Media Credit: Spencer Presley
Karen Ament walks from Old Main lawn. This picture was a part of a multimedia photography project which featured five non-traditional students. The exhibit was previously a display in the Multicultural Center.

Students from the UA Lemke Department of Journalism completed a multimedia project about nontraditional students for a Photojournalism II class last week.

The project featured five students who attend the UA and are termed nontraditional:  age 25 or older, a single parent, married, have dependents, a part-time student, or working full-time. Students who might also be working on an interrupted higher education, financially independent or without a high school diploma, according to a press release.

The Multicultural Center exhibit involved five posters with photos and information regarding the students.
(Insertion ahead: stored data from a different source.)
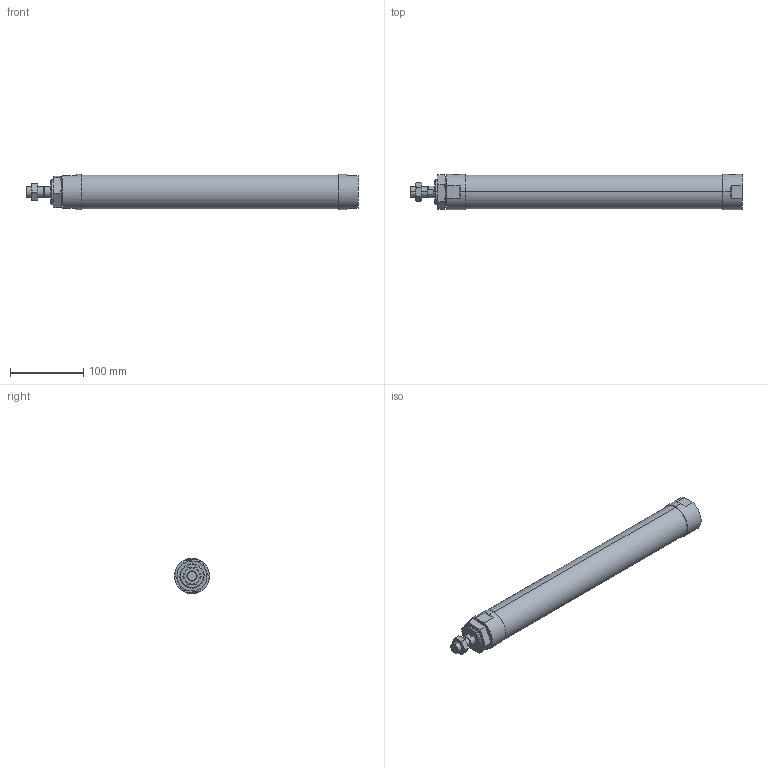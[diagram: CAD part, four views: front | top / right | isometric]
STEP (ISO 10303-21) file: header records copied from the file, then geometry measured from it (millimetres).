
FILE_DESCRIPTION (( 'STEP AP203' ), '1' );
FILE_NAME ('JGND2-40-300-N.STEP', '2016-08-04T03:16:47', ( '' ), ( '' ), 'SwSTEP 2.0', 'SolidWorks 2014', '' );
FILE_SCHEMA (( 'CONFIG_CONTROL_DESIGN' ));
Length unit declared in the file: millimetre
Products named in the file (4): J#2-40-300(P); JGND2-40-300-N
Assembly tree (3 placements, depth 2):
  JGND2-40-300-N
    J#2-40-300(P)
    (unnamed)
    (unnamed)
Bounding box: 453 x 48 x 48 mm (x, y, z)
Volume: 702755.9 mm3; surface area: 72193.4 mm2
Topology: 3 solids, 3 shells, 89 faces, 200 edges, 119 vertices
Faces by surface type: plane 32, torus 24, cylinder 20, cone 13
Entity records: 3305 total; most frequent: CARTESIAN_POINT 1001, DIRECTION 395, ORIENTED_EDGE 392, EDGE_CURVE 196, AXIS2_PLACEMENT_3D 167, VERTEX_POINT 119, EDGE_LOOP 99, FACE_OUTER_BOUND 89
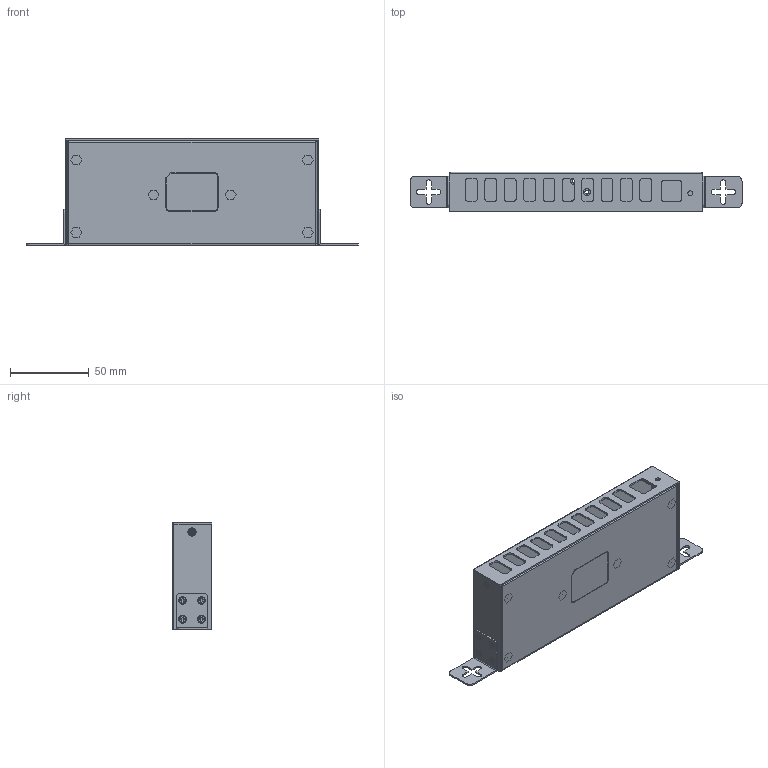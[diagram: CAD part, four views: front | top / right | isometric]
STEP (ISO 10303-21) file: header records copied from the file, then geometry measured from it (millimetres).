
FILE_DESCRIPTION(/* description */ (''),/* implementation_level */ '2;1');
FILE_NAME(/* name */ 'GM-HU310A_CAD.step',/* time_stamp */ '2024-10-17T15:52:21-04:00',/* author */ (''),/* organization */ (''),/* preprocessor_version */ 'ST-DEVELOPER v20',/* originating_system */ 'Autodesk Translation Framework v13.20.0.188',/* authorisation */ '');
FILE_SCHEMA (('AUTOMOTIVE_DESIGN { 1 0 10303 214 3 1 1 }'));
Length unit declared in the file: millimetre
Products named in the file (16): HT1-A10L_ASM_ASM; HT2-CA46L_ASM_59_ASM; HT2CA46L-TOP1-B_20; HT2CA46L-BOT-B_64_ASM; HT2CA46L-BOT-B_64_1; HT2CA46L-BOT-B_64_2; HT2CA46L-BOT-B_64_3; HT2CA46L-BOT-B_64_4; HT2CA46L-BOT-B_64_5; HT2CA46L-BOT-B_64_6; HT2CA46L-BOT-B_64_7; HT2CA46L-38-B_10; FM3X3_8CCRO-A_1_ASM; FM3X3_8CCRO-A_1_1; FM3X3_8CCRO-A_1_2; FM-3X3_8CCRO_1
Assembly tree (26 placements, depth 4):
  HT1-A10L_ASM_ASM
    HT2-CA46L_ASM_59_ASM
      HT2CA46L-TOP1-B_20
      HT2CA46L-BOT-B_64_ASM
        HT2CA46L-BOT-B_64_1
        HT2CA46L-BOT-B_64_2
        HT2CA46L-BOT-B_64_3
        HT2CA46L-BOT-B_64_4
        HT2CA46L-BOT-B_64_5
        HT2CA46L-BOT-B_64_6
        HT2CA46L-BOT-B_64_7
      HT2CA46L-38-B_10  x2
      FM3X3_8CCRO-A_1_ASM  x4
        FM3X3_8CCRO-A_1_1
        FM3X3_8CCRO-A_1_2
      FM-3X3_8CCRO_1  x8
Bounding box: 211 x 25.02 x 68 mm (x, y, z)
Volume: 35408.8 mm3; surface area: 73614.7 mm2
Topology: 26 solids, 26 shells, 829 faces, 2111 edges, 1336 vertices
Faces by surface type: plane 479, cylinder 195, bspline 114, cone 34, torus 7
Full cylindrical faces by diameter (mm): 2.5 x21, 2.6 x16, 3 x1, 3.5 x1, 4 x2, 4.2 x8, 4.5 x7, 6 x6, 6.8 x1
Entity records: 21372 total; most frequent: CARTESIAN_POINT 7790, DIRECTION 2725, ORIENTED_EDGE 2618, EDGE_CURVE 1309, AXIS2_PLACEMENT_3D 934, LINE 857, VECTOR 857, VERTEX_POINT 824

There also were laptops set up at each of the posters with recorded accounts from the nontraditional students' lives.

Professor Eric Gorder said he originally assigned his students to an informational feature involving photography and research, but after Off Campus Connections and Scott Flanagin, director of Communications and Outreach, got involved, the project eventually evolved into an exhibit.

Gorder said the non-traditional students volunteered to be featured.

"The exhibit was a collaborative effort of OCC, the Department of Journalism, the Multicultural Center, the student technology center, Communication and Outreach and the multimedia resource center," said Susan Stiers, assistant director of OCC.

One non-traditional student featured was Debi England, who works with the OCC.

England saw the entire project go into effect. 

"The most interesting thing about this experience was seeing an idea like Susan's and Scott's become a collaborative reality with a chance to showcase some incredibly dedicated people and seeing how staff and faculty on campus could weave this project together to accomplish so many different objectives," she said.

England learned no two nontraditional students are alike, she said.

"I learned that I'm in good company as a nontraditional student, I'm tenacious and I'm going to succeed," England said. "Even when things get tough and when I think my academic career has just taken a nosedive, I remember that someone else has a harder time than I do and is still plugging along like the little engine that could."